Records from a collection

● ● ● ●

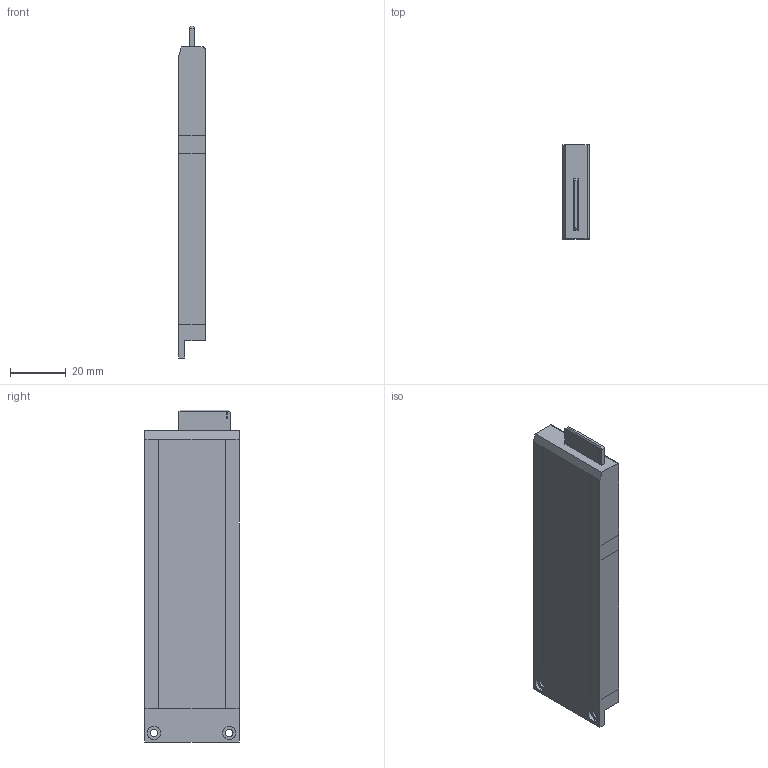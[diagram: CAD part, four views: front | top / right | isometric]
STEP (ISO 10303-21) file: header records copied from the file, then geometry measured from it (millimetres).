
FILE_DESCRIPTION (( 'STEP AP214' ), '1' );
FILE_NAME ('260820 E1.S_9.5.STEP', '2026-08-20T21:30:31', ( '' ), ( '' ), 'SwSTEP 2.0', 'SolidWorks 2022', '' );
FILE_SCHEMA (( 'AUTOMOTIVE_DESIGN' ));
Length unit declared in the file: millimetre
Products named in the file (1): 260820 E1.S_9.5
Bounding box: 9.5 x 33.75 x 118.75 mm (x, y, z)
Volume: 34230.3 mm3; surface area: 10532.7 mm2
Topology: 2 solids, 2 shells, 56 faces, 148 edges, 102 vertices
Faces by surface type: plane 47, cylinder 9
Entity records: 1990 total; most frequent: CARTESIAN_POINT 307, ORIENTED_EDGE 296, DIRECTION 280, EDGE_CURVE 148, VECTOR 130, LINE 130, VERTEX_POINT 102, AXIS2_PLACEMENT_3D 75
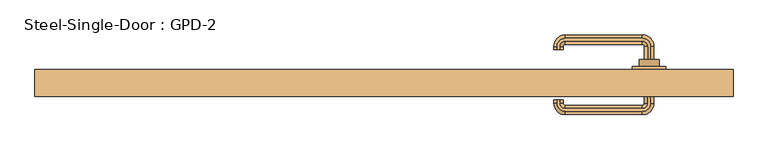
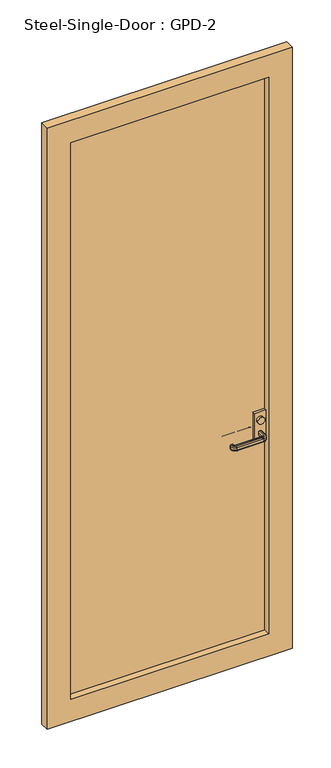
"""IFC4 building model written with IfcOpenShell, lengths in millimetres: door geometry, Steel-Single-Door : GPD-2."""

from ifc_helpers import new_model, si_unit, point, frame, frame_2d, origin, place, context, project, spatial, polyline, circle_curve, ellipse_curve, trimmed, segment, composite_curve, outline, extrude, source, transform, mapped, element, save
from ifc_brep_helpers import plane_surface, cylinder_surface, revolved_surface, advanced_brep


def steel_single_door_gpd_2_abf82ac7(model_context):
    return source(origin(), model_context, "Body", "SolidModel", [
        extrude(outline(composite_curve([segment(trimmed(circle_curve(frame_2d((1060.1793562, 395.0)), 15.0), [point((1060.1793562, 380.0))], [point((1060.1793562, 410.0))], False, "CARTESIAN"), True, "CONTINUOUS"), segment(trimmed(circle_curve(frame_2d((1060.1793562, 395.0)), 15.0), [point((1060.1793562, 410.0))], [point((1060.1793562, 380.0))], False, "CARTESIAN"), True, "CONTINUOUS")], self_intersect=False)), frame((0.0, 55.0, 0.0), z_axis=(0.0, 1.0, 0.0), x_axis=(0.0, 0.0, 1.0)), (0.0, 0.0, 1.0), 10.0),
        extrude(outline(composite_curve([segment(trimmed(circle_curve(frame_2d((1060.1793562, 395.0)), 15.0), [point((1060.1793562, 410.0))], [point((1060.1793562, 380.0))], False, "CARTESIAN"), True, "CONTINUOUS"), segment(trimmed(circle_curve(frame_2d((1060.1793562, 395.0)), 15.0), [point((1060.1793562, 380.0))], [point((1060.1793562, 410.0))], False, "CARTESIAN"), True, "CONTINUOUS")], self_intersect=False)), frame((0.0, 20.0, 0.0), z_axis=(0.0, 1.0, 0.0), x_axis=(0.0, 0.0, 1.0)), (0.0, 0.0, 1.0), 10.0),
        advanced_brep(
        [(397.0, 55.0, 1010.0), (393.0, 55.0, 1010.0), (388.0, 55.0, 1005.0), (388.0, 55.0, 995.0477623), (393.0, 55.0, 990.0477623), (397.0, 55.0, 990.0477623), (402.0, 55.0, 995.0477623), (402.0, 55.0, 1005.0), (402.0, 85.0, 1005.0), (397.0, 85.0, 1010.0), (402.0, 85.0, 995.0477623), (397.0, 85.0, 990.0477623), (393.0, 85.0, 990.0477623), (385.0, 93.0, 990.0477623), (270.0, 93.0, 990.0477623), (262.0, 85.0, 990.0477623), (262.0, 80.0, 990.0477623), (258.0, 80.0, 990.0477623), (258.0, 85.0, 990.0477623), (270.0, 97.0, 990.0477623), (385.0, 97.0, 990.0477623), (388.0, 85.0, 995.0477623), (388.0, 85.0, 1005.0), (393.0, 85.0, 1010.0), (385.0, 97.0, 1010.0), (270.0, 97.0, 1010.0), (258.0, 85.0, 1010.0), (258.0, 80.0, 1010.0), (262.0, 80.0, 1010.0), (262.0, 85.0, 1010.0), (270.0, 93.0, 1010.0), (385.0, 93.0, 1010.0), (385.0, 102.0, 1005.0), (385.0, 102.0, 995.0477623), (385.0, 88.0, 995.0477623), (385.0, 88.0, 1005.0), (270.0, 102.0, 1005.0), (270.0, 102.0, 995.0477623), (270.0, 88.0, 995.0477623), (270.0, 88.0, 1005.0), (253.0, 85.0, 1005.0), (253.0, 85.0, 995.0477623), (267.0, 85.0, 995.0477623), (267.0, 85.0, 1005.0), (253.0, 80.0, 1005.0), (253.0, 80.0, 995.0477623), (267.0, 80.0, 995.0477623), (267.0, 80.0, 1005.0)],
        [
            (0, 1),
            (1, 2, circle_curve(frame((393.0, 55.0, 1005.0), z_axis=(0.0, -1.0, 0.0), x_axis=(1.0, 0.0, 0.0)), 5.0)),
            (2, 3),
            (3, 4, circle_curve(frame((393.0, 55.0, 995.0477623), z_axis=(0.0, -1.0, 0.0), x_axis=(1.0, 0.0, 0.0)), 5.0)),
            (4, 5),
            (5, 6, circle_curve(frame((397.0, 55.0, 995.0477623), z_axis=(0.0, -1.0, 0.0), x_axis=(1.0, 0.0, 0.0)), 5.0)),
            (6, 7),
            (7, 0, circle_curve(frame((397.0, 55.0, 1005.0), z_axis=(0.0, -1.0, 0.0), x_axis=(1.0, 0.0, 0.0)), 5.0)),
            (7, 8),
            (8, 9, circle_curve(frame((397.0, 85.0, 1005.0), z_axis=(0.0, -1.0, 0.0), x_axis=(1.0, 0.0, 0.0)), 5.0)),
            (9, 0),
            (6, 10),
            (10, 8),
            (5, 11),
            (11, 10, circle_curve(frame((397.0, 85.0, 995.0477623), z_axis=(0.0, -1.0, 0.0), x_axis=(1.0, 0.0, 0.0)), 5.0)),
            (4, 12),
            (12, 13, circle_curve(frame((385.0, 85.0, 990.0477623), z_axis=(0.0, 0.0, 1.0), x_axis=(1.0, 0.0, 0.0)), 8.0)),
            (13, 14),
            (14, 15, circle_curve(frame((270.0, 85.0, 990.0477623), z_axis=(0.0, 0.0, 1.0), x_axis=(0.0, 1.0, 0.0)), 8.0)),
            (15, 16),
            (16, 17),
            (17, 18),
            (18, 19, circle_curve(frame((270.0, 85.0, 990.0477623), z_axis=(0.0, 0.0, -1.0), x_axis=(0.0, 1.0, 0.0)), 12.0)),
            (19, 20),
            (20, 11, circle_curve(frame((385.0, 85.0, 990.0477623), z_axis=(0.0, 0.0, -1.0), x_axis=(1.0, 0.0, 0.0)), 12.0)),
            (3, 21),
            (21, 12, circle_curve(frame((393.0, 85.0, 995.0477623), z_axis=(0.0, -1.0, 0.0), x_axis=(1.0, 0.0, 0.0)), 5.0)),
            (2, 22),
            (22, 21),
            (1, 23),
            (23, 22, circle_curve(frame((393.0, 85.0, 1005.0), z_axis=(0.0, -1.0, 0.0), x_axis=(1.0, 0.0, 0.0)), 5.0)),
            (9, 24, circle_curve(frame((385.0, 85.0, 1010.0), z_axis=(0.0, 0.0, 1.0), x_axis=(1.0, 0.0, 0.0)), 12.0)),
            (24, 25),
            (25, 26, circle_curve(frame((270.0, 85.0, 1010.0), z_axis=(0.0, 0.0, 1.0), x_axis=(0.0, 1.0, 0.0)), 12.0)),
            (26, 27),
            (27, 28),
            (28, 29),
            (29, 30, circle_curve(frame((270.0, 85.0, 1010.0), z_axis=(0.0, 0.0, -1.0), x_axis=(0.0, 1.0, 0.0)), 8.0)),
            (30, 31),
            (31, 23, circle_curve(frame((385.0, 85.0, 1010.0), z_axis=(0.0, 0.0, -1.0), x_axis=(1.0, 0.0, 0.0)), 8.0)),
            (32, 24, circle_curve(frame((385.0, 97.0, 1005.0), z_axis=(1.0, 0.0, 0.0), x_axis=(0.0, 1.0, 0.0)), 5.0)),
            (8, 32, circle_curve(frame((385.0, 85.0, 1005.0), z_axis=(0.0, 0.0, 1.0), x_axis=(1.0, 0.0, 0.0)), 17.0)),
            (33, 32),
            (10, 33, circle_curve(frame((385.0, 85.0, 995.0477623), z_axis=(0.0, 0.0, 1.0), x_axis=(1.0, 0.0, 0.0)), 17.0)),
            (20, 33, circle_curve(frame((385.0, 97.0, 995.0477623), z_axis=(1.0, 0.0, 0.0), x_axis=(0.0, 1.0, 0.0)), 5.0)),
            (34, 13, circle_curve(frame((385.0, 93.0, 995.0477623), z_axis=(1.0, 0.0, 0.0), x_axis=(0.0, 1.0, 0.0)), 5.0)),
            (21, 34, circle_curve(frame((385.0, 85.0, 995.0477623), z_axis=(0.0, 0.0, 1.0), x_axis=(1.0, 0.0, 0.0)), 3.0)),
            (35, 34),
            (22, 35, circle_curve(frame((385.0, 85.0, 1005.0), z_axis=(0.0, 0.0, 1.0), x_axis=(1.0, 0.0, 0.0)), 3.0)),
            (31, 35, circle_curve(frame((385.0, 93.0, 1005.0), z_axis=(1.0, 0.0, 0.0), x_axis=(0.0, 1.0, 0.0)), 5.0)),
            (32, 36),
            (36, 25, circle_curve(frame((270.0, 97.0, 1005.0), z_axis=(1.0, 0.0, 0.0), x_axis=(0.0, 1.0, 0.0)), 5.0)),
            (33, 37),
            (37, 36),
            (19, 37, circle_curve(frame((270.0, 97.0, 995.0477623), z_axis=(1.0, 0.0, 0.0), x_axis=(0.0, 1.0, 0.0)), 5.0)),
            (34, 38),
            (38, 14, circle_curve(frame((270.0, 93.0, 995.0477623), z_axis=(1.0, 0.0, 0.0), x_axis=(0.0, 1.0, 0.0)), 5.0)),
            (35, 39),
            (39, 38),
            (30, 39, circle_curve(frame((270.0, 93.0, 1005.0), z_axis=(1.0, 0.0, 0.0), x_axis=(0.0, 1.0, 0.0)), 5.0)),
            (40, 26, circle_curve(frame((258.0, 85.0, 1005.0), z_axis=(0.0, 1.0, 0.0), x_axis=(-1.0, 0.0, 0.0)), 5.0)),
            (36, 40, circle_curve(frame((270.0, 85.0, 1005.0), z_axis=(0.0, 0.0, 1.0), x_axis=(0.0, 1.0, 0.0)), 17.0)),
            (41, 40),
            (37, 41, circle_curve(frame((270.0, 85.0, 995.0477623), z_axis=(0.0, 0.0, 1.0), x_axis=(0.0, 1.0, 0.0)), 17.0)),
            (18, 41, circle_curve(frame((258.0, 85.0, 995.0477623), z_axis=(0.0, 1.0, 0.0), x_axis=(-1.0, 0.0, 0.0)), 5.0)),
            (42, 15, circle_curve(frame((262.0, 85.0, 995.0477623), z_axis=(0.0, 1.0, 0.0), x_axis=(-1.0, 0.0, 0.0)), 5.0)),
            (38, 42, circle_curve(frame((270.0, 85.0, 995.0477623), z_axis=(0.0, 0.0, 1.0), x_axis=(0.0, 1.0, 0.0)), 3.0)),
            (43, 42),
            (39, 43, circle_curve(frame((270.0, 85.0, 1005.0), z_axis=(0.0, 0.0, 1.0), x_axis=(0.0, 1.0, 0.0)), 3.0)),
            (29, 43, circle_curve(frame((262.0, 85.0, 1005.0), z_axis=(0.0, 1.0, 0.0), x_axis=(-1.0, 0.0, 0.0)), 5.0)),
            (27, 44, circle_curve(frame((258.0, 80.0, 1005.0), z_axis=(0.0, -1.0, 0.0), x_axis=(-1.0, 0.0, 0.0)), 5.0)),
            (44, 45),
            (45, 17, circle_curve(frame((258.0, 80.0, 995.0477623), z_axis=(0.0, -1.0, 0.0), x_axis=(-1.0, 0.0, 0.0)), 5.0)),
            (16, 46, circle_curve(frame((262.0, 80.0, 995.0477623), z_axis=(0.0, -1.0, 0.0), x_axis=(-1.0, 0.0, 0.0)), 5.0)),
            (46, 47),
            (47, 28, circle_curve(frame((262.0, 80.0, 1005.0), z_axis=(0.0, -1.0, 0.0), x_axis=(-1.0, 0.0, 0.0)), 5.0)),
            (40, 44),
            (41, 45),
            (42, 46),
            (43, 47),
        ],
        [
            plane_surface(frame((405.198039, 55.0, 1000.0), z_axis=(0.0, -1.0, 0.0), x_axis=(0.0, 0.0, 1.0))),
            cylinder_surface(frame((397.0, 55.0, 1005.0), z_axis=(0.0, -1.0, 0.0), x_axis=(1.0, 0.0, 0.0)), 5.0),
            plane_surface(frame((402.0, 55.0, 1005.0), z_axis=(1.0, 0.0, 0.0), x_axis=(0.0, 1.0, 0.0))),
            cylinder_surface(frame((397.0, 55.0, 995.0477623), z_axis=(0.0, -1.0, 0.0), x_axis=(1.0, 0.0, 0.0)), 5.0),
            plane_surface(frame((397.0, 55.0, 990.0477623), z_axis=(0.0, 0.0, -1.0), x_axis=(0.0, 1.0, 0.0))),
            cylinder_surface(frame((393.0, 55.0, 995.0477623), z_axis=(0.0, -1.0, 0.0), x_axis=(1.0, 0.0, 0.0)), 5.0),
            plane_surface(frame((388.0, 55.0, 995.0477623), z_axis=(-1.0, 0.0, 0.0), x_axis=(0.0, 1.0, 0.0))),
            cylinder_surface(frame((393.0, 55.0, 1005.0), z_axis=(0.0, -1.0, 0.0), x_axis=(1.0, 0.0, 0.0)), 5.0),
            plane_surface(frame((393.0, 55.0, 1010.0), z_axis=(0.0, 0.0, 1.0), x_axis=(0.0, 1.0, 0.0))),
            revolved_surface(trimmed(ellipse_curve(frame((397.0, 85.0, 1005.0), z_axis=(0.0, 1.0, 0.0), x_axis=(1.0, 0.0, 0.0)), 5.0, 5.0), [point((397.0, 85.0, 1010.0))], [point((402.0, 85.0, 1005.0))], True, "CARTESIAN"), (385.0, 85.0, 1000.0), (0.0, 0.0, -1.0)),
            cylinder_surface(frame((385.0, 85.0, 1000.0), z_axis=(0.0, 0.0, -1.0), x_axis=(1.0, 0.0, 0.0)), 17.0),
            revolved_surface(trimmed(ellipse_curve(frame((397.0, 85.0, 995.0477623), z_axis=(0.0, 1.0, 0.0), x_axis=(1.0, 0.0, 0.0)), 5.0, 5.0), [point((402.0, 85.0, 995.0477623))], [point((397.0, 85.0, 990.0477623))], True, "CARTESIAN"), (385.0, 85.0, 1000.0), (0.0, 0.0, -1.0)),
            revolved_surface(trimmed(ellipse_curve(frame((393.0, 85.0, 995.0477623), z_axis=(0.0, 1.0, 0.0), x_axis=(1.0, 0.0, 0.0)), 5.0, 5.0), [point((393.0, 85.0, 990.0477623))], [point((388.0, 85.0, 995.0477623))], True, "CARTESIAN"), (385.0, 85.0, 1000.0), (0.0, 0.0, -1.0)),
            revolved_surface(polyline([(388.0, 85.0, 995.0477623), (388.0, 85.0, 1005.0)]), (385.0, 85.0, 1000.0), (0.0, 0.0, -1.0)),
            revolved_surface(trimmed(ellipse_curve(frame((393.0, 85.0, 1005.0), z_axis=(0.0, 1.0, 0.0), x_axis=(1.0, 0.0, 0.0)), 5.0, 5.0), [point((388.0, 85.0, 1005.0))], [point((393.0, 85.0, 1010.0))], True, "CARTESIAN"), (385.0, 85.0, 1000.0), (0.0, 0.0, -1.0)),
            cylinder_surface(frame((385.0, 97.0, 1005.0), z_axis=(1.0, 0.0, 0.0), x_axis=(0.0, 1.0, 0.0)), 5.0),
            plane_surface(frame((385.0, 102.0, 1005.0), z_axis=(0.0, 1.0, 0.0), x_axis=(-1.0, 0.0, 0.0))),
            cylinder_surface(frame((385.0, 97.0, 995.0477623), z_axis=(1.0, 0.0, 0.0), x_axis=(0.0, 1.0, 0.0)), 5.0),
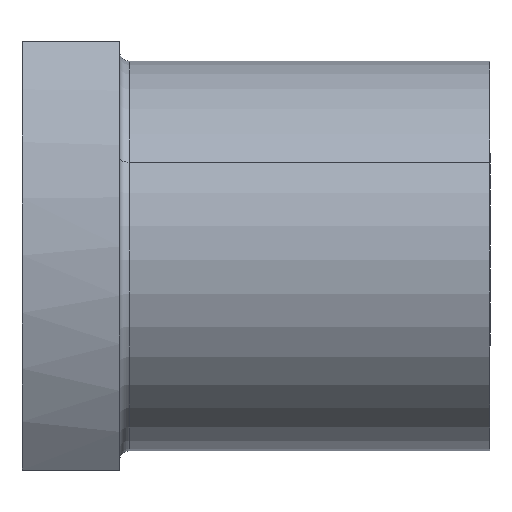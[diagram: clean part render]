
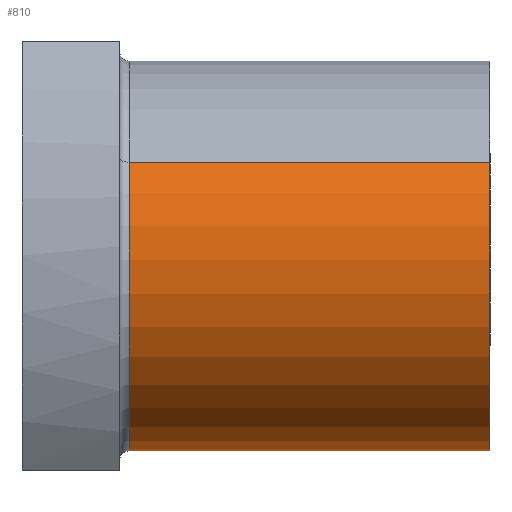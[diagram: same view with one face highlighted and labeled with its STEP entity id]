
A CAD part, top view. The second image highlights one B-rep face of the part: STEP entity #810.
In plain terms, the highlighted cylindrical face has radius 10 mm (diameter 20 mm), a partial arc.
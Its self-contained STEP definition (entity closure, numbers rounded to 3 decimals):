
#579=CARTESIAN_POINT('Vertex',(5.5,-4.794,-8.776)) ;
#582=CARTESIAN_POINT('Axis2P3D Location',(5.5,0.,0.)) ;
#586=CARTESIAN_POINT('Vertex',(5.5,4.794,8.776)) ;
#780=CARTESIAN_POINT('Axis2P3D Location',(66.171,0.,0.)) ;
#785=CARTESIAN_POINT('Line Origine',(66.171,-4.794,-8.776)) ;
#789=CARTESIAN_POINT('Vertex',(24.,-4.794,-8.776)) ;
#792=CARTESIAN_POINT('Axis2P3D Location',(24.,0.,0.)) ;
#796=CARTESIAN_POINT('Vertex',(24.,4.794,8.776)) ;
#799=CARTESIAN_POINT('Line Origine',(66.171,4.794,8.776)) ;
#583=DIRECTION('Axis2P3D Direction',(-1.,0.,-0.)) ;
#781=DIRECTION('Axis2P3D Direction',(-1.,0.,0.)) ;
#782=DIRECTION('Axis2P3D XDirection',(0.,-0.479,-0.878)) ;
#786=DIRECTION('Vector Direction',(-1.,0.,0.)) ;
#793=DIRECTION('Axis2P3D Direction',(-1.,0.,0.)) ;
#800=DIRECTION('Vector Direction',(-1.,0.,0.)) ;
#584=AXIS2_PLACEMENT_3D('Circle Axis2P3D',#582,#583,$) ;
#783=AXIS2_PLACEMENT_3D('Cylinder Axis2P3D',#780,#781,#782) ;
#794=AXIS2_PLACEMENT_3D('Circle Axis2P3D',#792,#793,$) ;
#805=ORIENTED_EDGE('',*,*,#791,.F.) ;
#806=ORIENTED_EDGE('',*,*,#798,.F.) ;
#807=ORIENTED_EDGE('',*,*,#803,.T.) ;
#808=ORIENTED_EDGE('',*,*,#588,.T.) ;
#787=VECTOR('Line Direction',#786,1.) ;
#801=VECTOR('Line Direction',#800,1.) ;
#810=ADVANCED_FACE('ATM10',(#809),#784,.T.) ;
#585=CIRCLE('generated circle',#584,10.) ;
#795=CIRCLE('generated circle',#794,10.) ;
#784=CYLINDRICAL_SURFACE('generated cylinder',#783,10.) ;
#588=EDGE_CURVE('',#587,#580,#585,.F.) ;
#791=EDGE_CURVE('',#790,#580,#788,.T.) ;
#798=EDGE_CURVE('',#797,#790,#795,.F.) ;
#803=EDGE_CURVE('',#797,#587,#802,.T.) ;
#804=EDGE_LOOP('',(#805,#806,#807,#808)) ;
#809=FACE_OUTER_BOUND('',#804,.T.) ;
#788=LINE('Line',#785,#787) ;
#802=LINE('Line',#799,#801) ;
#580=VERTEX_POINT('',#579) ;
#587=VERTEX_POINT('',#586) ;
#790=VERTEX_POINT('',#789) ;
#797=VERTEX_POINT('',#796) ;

● ● ● ●

◆ Your assignment
Up to and including the last line of the records above, print exactly every line from the one that contains "#804=EDGE_LOOP('',(#805,#806,#807,#808)) ;" onward.

◆ Exercise solution
#804=EDGE_LOOP('',(#805,#806,#807,#808)) ;
#809=FACE_OUTER_BOUND('',#804,.T.) ;
#788=LINE('Line',#785,#787) ;
#802=LINE('Line',#799,#801) ;
#580=VERTEX_POINT('',#579) ;
#587=VERTEX_POINT('',#586) ;
#790=VERTEX_POINT('',#789) ;
#797=VERTEX_POINT('',#796) ;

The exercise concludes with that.